#### Working data
__________

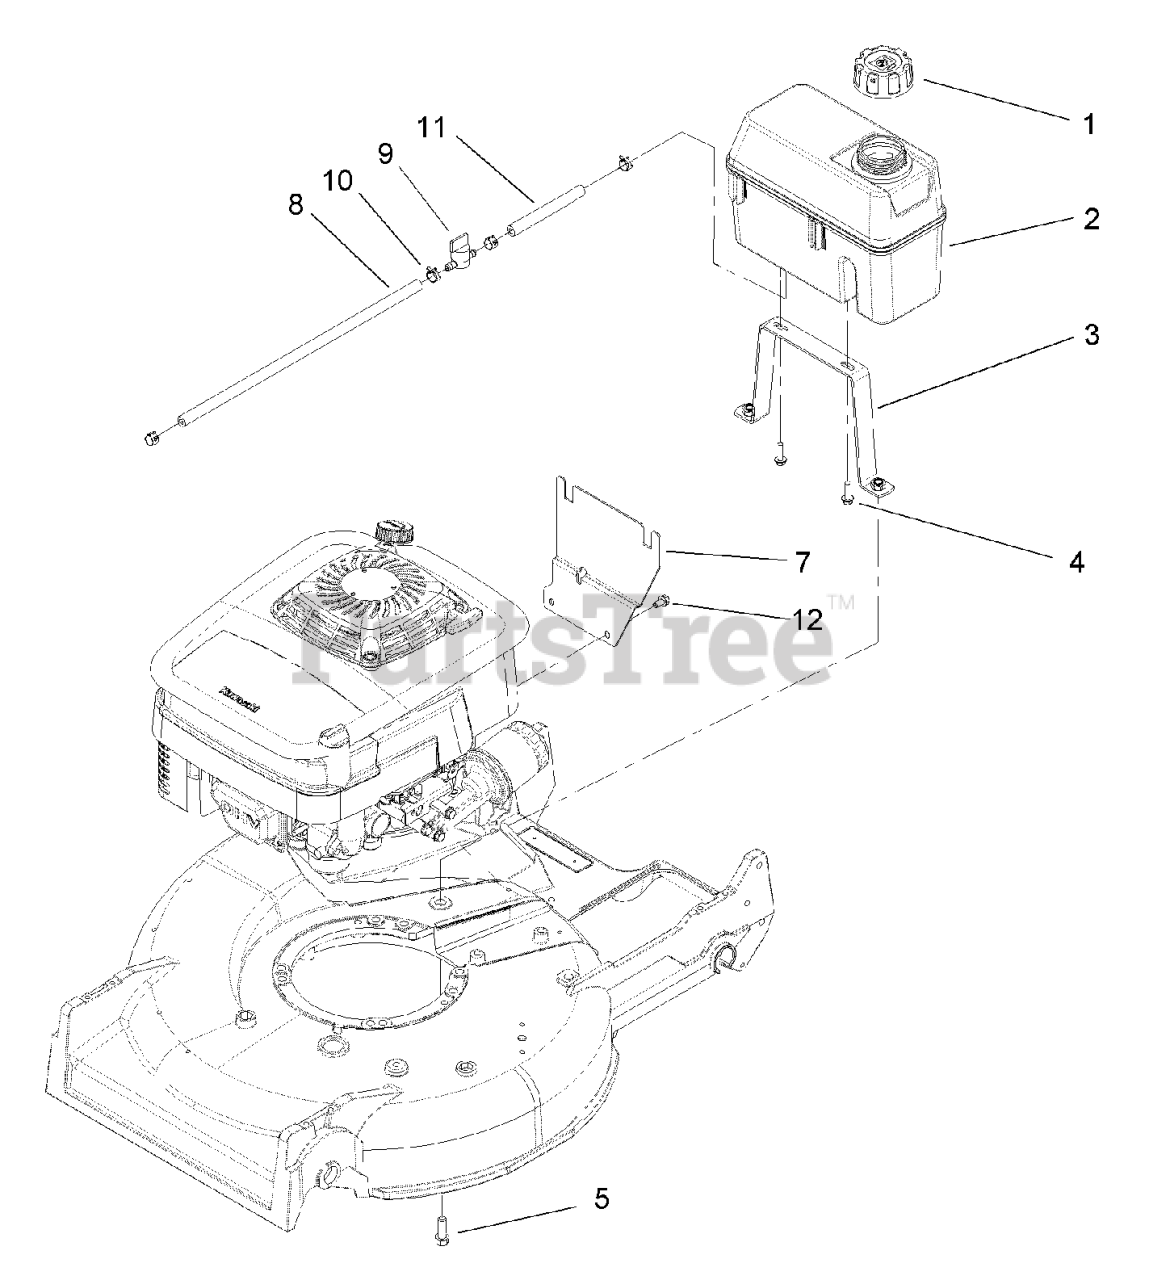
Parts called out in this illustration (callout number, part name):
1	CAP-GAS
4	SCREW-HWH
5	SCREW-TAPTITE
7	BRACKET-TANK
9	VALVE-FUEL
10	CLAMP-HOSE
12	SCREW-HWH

__________

#### Brief
Reproduce all the entries above exactly. Include no images.

#### Solution to the exercise
Parts called out in this illustration (callout number, part name):
1	CAP-GAS
4	SCREW-HWH
5	SCREW-TAPTITE
7	BRACKET-TANK
9	VALVE-FUEL
10	CLAMP-HOSE
12	SCREW-HWH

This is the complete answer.